*** Opening Entries shown ***

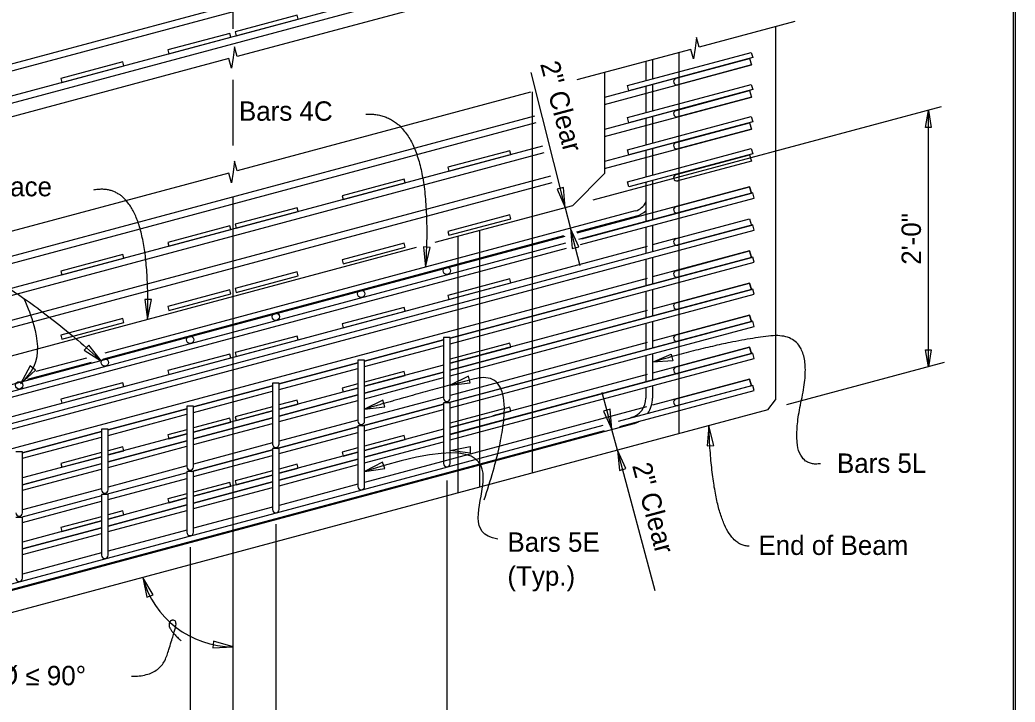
# Model space of a CAD drawing. Extents: x 0 to 30.8, y 0 to 19.8.
# Drawn here: x 23.04 to 30.8, y 4.26 to 9.58 of the extents above; entities that cross this region are included whole.
import ezdxf

# ---------------------------------------------------------------- set-up
doc = ezdxf.new("R2010")
doc.units = 0
for name, color, linetype in [('ActivePts-ConstElements', 7, 'Continuous'), ('BeamConc', 7, 'Continuous'), ('BeamConc_h', 7, 'Continuous'), ('CL_Major', 7, 'Continuous'), ('Dimension', 7, 'Continuous'), ('Miscellaneous', 7, 'Continuous'), ('Miscellaneous1', 7, 'Continuous'), ('Rebar', 7, 'Continuous'), ('Rebar_h', 7, 'Continuous'), ('TextStructures', 7, 'Continuous')]:
    doc.layers.add(name, color=color, linetype=linetype)

msp = doc.modelspace()

# ---------------------------------------------------------------- linework, layer by layer
at = {"layer": 'ActivePts-ConstElements'}
msp.add_lwpolyline([(0, 0), (30.7879, 0), (30.7879, 19.4596), (0, 19.4596)], close=True, dxfattribs=at)
at = {"layer": 'BeamConc'}
for p, q in [((28.9316, 9.5235), (28.9316, 6.6147)), ((27.5982, 9.1663), (27.5982, 8.3779)), ((27.5982, 8.3779), (27.3482, 8.1279)), ((27.3482, 8.1279), (26.2769, 7.8408)), ((26.1307, 7.8017), (22.0566, 6.71)), ((28.8712, 6.536), (28.9316, 6.6147)), ((28.8712, 6.536), (21.4512, 4.5478))]:
    msp.add_line(p, q, dxfattribs=at)
at = {"layer": 'BeamConc_h'}
for p, q in [((28.1816, 6.3512), (28.1816, 9.3226)), ((27.0357, 9.0157), (27.0357, 6.0442))]:
    msp.add_line(p, q, dxfattribs=at)
at = {"layer": 'CL_Major'}
for p, q in [((24.7024, 9.5072), (24.7024, 11.0727)), ((24.7024, 8.5974), (24.7024, 9.1088)), ((24.7024, 3.3009), (24.7024, 8.1933))]:
    msp.add_line(p, q, dxfattribs=at)
at = {"layer": 'Dimension'}
for p, q in [((27.2929, 8.1131), (27.0263, 9.1662)), ((30.224, 8.8985), (27.5072, 8.1705)), ((30.1238, 6.8716), (30.1238, 8.8716)), ((27.3325, 7.9569), (27.294, 8.1088)), ((27.3396, 8.1256), (27.3396, 8.1256)), ((27.4081, 7.658), (27.3338, 7.9515)), ((27.3827, 7.9646), (27.3827, 7.9646)), ((30.2473, 6.9047), (29.0185, 6.5754)), ((27.5789, 6.6753), (27.6571, 6.3832)), ((27.7003, 6.2222), (27.6571, 6.3832)), ((27.7302, 6.4028), (27.7302, 6.4028)), ((27.9938, 5.1267), (27.7003, 6.2222)), ((27.6272, 6.2026), (27.6272, 6.2026)), ((26.3691, 5.9871), (26.3691, 3.561)), ((25.0357, 5.6463), (25.0357, 3.561)), ((24.3691, 5.4666), (24.3691, 3.561))]:
    msp.add_line(p, q, dxfattribs=at)
for points in [[(26.8097, 9.8475), (24.7349, 9.2917), (24.7149, 9.3665), (24.7024, 9.283), (24.6897, 9.1993), (24.6697, 9.2742), (22.6484, 8.7328)], [(29.0828, 9.564), (28.3372, 9.3643), (28.3172, 9.4391), (28.3047, 9.3555), (28.2919, 9.2719), (28.2719, 9.3468), (27.3822, 9.1084)], [(27.0226, 9.0121), (24.7349, 8.3994), (24.7149, 8.4742), (24.7024, 8.3906), (24.6897, 8.307), (24.6697, 8.3819), (22.6484, 7.8405)]]:
    msp.add_lwpolyline(points, dxfattribs=at)
for points in [[(30.1238, 8.8714), (30.1459, 8.7377), (30.1017, 8.7377)], [(27.2929, 8.1131), (27.2802, 8.271), (27.2289, 8.258)], [(27.3338, 7.9515), (27.3465, 7.7936), (27.3978, 7.8065)], [(26.2036, 7.6485), (26.2395, 7.8028), (26.1867, 7.8061)], [(24.0361, 7.2404), (24.067, 7.3957), (24.0141, 7.3973)], [(23.6765, 6.9165), (23.5788, 7.0413), (23.5432, 7.0022)], [(30.1238, 6.8714), (30.1017, 7.0052), (30.1459, 7.0052)], [(27.9732, 6.9071), (28.1182, 6.971), (28.1312, 6.9197)], [(23.0462, 6.7395), (23.1623, 6.8472), (23.1204, 6.8794)], [(26.3951, 6.7289), (26.5524, 6.7481), (26.5373, 6.7988)], [(25.7285, 6.5417), (25.8857, 6.5609), (25.8706, 6.6117)], [(27.6571, 6.3832), (27.6423, 6.5409), (27.5912, 6.5272)], [(28.4125, 6.413), (28.3995, 6.2551), (28.4522, 6.2596)], [(26.3951, 6.2206), (26.5505, 6.2516), (26.552, 6.1987)], [(27.7003, 6.2222), (27.7151, 6.0645), (27.7663, 6.0782)], [(25.7285, 6.0559), (25.8853, 6.0785), (25.8691, 6.1289)], [(23.9984, 5.2302), (24.0296, 5.0754), (24.0794, 5.0946)], [(24.7024, 4.69), (24.5505, 4.7331), (24.5448, 4.6801)]]:
    msp.add_lwpolyline(points, close=True, dxfattribs=at)
msp.add_arc((24.7024, 5.4189), 0.7289, 195, 270, dxfattribs=at)
for points, degree in [([(25.7367, 8.8413), (26.278, 8.8696), (26.2036, 7.6486)], 2), ([(24.036, 7.2404), (24.0677, 8.3346), (23.6151, 8.2497)], 2), ([(21.7414, 7.8736), (22.5391, 7.9529), (23.6765, 6.9165)], 2), ([(29.2838, 6.1167), (29.0154, 6.0771), (29.2555, 7.1567), (28.5095, 7.0669), (27.9732, 6.9072)], 2), ([(26.6609, 5.834), (27.0095, 6.8858), (26.159, 6.67), (25.7284, 6.5418)], 2), ([(28.7267, 5.4738), (28.4462, 5.4738), (28.4124, 6.413)], 2), ([(26.7677, 5.5283), (26.5259, 5.5675), (26.7502, 5.9972), (26.5827, 6.3303), (25.7284, 6.056)], 3), ([(23.9099, 4.4599), (24.1325, 4.4575), (24.2377, 4.7766), (24.2685, 4.8967), (24.2035, 4.8967), (24.2035, 4.8217), (24.2975, 4.7366)], 2)]:
    msp.add_open_spline(points, degree=degree, dxfattribs=at)
msp.add_spline([(23.075, 7.3998), (23.1495, 7.1944), (23.1495, 6.8739), (23.0462, 6.7395)], degree=3, dxfattribs=at)
at = {"layer": 'Miscellaneous'}
for p, q in [((26.6232, 7.9336), (26.6232, 5.9336)), ((26.4565, 7.889), (26.4565, 5.889))]:
    msp.add_line(p, q, dxfattribs=at)
at = {"layer": 'Miscellaneous1'}
msp.add_lwpolyline([(0, 19.8), (30.8, 19.8), (30.8, 0), (0, 0)], close=True, dxfattribs=at)
at = {"layer": 'Rebar'}
for p, q in [((27.7773, 9.0644), (28.7433, 9.3232)), ((28.7433, 9.3232), (28.7541, 9.2829)), ((28.7541, 9.2829), (27.7881, 9.0241)), ((27.9212, 9.2528), (27.9212, 9.1029)), ((27.9732, 9.2668), (27.9732, 9.1169)), ((28.1565, 9.1214), (28.7302, 9.2752)), ((28.7302, 9.2752), (28.7437, 9.2248)), ((28.7437, 9.2248), (28.17, 9.0711)), ((27.7773, 8.8144), (28.7433, 9.0732)), ((27.7881, 9.0241), (27.7773, 9.0644)), ((28.7541, 9.0329), (27.7881, 8.7741)), ((27.9212, 9.0597), (27.9212, 8.8529)), ((27.9732, 9.0737), (27.9732, 8.8669)), ((28.1565, 8.8714), (28.7302, 9.0252)), ((28.7302, 9.0252), (28.7437, 8.9748)), ((28.7433, 9.0732), (28.7541, 9.0329)), ((28.7437, 8.9748), (28.17, 8.8211)), ((27.7773, 8.5644), (28.7433, 8.8232)), ((27.7881, 8.7741), (27.7773, 8.8144)), ((28.7541, 8.7829), (27.7881, 8.5241)), ((27.9212, 8.8097), (27.9212, 8.6029)), ((27.9732, 8.8237), (27.9732, 8.6169)), ((28.1565, 8.6214), (28.7302, 8.7752)), ((28.7302, 8.7752), (28.7437, 8.7248)), ((28.7433, 8.8232), (28.7541, 8.7829)), ((28.7437, 8.7248), (28.17, 8.5711)), ((27.7773, 8.3144), (28.7433, 8.5732)), ((27.7881, 8.5241), (27.7773, 8.5644)), ((27.9212, 8.5597), (27.9212, 8.3529)), ((27.9732, 8.5737), (27.9732, 8.3669)), ((28.7433, 8.5732), (28.7541, 8.5329)), ((28.7541, 8.5329), (27.7881, 8.2741)), ((28.1565, 8.3714), (28.7302, 8.5252)), ((28.7437, 8.4748), (28.17, 8.3211)), ((28.7302, 8.5252), (28.7437, 8.4748)), ((27.7881, 8.2741), (27.7773, 8.3144)), ((27.9212, 8.3097), (27.9212, 8.0044)), ((27.9732, 8.3237), (27.9732, 8.0184)), ((28.7541, 8.2276), (27.3964, 7.8638)), ((28.1565, 8.1214), (28.7302, 8.2752)), ((28.7437, 8.2248), (28.17, 8.0711)), ((28.7302, 8.2752), (28.7437, 8.2248)), ((28.7649, 8.1874), (28.7541, 8.2276)), ((27.4114, 7.8247), (28.7649, 8.1874)), ((27.8389, 8.0868), (23.7025, 6.9785)), ((27.384, 7.9232), (27.8497, 8.048)), ((28.1565, 7.8714), (28.7302, 8.0252)), ((28.7302, 8.0252), (28.7437, 7.9748)), ((28.7541, 7.9776), (20.6399, 5.8034)), ((20.6507, 5.7632), (28.7649, 7.9374)), ((27.9212, 7.9613), (27.9212, 7.7544)), ((27.9732, 7.9752), (27.9732, 7.7684)), ((28.7437, 7.9748), (28.17, 7.8211)), ((28.7649, 7.9374), (28.7541, 7.9776)), ((27.2958, 7.8369), (20.6399, 6.0534)), ((23.695, 6.9348), (27.2809, 7.8956)), ((20.6507, 6.0132), (27.3031, 7.7957)), ((28.1565, 7.6214), (28.7302, 7.7752)), ((28.7302, 7.7752), (28.7437, 7.7248)), ((28.7541, 7.7276), (26.3951, 7.0955)), ((26.3951, 7.0524), (28.7649, 7.6874)), ((27.9212, 7.7113), (27.9212, 7.5044)), ((27.9732, 7.7252), (27.9732, 7.5184)), ((28.7437, 7.7248), (28.17, 7.5711)), ((28.7649, 7.6874), (28.7541, 7.7276)), ((28.7541, 7.4776), (26.3951, 6.8455)), ((27.9212, 7.4613), (27.9212, 7.2544)), ((27.9732, 7.4752), (27.9732, 7.2684)), ((28.1565, 7.3714), (28.7302, 7.5252)), ((28.7437, 7.4748), (28.17, 7.3211)), ((28.7302, 7.5252), (28.7437, 7.4748)), ((28.7649, 7.4374), (28.7541, 7.4776)), ((26.3951, 6.8024), (28.7649, 7.4374)), ((28.7541, 7.2276), (26.3806, 6.5916)), ((27.9732, 7.2252), (27.9732, 7.0184)), ((28.1565, 7.1214), (28.7302, 7.2752)), ((28.7437, 7.2248), (28.17, 7.0711)), ((28.7302, 7.2752), (28.7437, 7.2248)), ((28.7649, 7.1874), (28.7541, 7.2276)), ((26.3951, 6.5524), (28.7649, 7.1874)), ((27.9212, 7.2113), (27.9212, 7.0044)), ((26.343, 7.0816), (25.7284, 6.9169)), ((26.343, 7.1016), (26.343, 6.6277)), ((26.3951, 7.1016), (26.343, 7.1016)), ((26.3951, 6.6277), (26.3951, 7.1016)), ((25.7284, 6.8737), (26.343, 7.0384)), ((28.1565, 6.8714), (28.7302, 7.0252)), ((28.7302, 7.0252), (28.7437, 6.9748)), ((23.1034, 6.7763), (23.5992, 6.9091)), ((23.5596, 6.9402), (23.1662, 6.8347)), ((25.6764, 6.923), (25.6764, 6.449)), ((25.7284, 6.923), (25.6764, 6.923)), ((25.7284, 6.449), (25.7284, 6.923)), ((26.3951, 6.3024), (28.7649, 6.9374)), ((28.7541, 6.9776), (26.3978, 6.3462)), ((27.9212, 6.9613), (27.9212, 6.7544)), ((27.9732, 6.9752), (27.9732, 6.7684)), ((28.7437, 6.9748), (28.17, 6.8211)), ((28.7649, 6.9374), (28.7541, 6.9776)), ((25.6764, 6.9029), (25.0618, 6.7383)), ((25.0618, 6.6951), (25.6764, 6.8598)), ((26.343, 6.8316), (25.7284, 6.6669)), ((25.7284, 6.6237), (26.343, 6.7884)), ((28.1565, 6.6214), (28.7302, 6.7752)), ((28.7302, 6.7752), (28.7437, 6.7248)), ((25.0097, 6.7243), (24.3951, 6.5596)), ((24.3951, 6.5165), (25.0097, 6.6812)), ((25.0097, 6.7443), (25.0097, 6.2703)), ((25.0618, 6.7443), (25.0097, 6.7443)), ((25.0618, 6.2703), (25.0618, 6.7443)), ((28.7541, 6.7276), (27.7063, 6.4468)), ((27.7173, 6.4067), (28.7649, 6.6874)), ((27.9211, 6.7113), (27.9211, 6.6278)), ((27.9732, 6.7252), (27.9732, 6.6278)), ((28.7437, 6.7248), (28.17, 6.5711)), ((28.7649, 6.6874), (28.7541, 6.7276)), ((25.6764, 6.6529), (25.0618, 6.4883)), ((25.0618, 6.4451), (25.6764, 6.6098)), ((24.343, 6.5457), (23.7284, 6.381)), ((24.343, 6.5657), (24.343, 6.0918)), ((24.3951, 6.5657), (24.343, 6.5657)), ((24.3951, 6.0918), (24.3951, 6.5657)), ((26.343, 6.5816), (25.7139, 6.413)), ((25.7284, 6.3737), (26.343, 6.5384)), ((26.343, 6.5916), (26.343, 6.1177)), ((26.3951, 6.5916), (26.343, 6.5916)), ((26.3951, 6.1177), (26.3951, 6.5916)), ((23.7284, 6.3378), (24.343, 6.5025)), ((25.0097, 6.4743), (24.3951, 6.3096)), ((27.5855, 6.4145), (20.6399, 4.5534)), ((20.6507, 4.5132), (27.598, 6.3747)), ((21.6938, 4.7854), (27.8189, 6.4266)), ((23.6764, 6.367), (23.0618, 6.2024)), ((23.6764, 6.3871), (23.6764, 5.9131)), ((23.7284, 6.3871), (23.6764, 6.3871)), ((23.7284, 5.9131), (23.7284, 6.3871)), ((24.3951, 6.2665), (25.0097, 6.4312)), ((25.6764, 6.4029), (25.047, 6.2343)), ((25.6764, 6.413), (25.6764, 5.939)), ((25.7284, 6.413), (25.6764, 6.413)), ((25.7284, 5.939), (25.7284, 6.413)), ((23.0618, 6.1592), (23.6764, 6.3239)), ((24.343, 6.2957), (23.7284, 6.131)), ((25.0618, 6.1951), (25.6764, 6.3598)), ((26.343, 6.3316), (25.7284, 6.1669)), ((25.7284, 6.1237), (26.343, 6.2884)), ((23.0618, 6.2084), (23.0097, 6.2084)), ((23.0618, 5.7344), (23.0618, 6.2084)), ((23.7284, 6.0878), (24.343, 6.2525)), ((25.0097, 6.2243), (24.3806, 6.0557)), ((25.0097, 6.2343), (25.0097, 5.7603)), ((25.0618, 6.2343), (25.0097, 6.2343)), ((25.0618, 5.7603), (25.0618, 6.2343)), ((24.3951, 6.0165), (25.0097, 6.1812)), ((25.6764, 6.1529), (25.0618, 5.9883)), ((23.6764, 6.117), (23.0618, 5.9524)), ((23.0618, 5.9092), (23.6764, 6.0739)), ((24.343, 6.0557), (24.343, 5.5818)), ((24.3951, 6.0557), (24.343, 6.0557)), ((24.3951, 5.5818), (24.3951, 6.0557)), ((25.0618, 5.9451), (25.6764, 6.1098)), ((24.343, 6.0457), (23.7139, 5.8771)), ((23.7284, 5.8378), (24.343, 6.0025)), ((25.0097, 5.9743), (24.3951, 5.8096)), ((24.3951, 5.7665), (25.0097, 5.9312)), ((23.6764, 5.867), (23.047, 5.6984)), ((23.0618, 5.6592), (23.6764, 5.8239)), ((23.6764, 5.8771), (23.6764, 5.4031)), ((23.7284, 5.8771), (23.6764, 5.8771)), ((23.7284, 5.4031), (23.7284, 5.8771)), ((24.343, 5.7957), (23.7284, 5.631)), ((23.7284, 5.5878), (24.343, 5.7525)), ((23.0618, 5.6984), (23.0097, 5.6984)), ((23.0618, 5.2244), (23.0618, 5.6984)), ((23.6764, 5.617), (23.0618, 5.4524)), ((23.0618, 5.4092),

*** Closing Entries shown ***

What the task requires: Work out how many lines of the data include the word "close". Then write only that number.

Task result: 3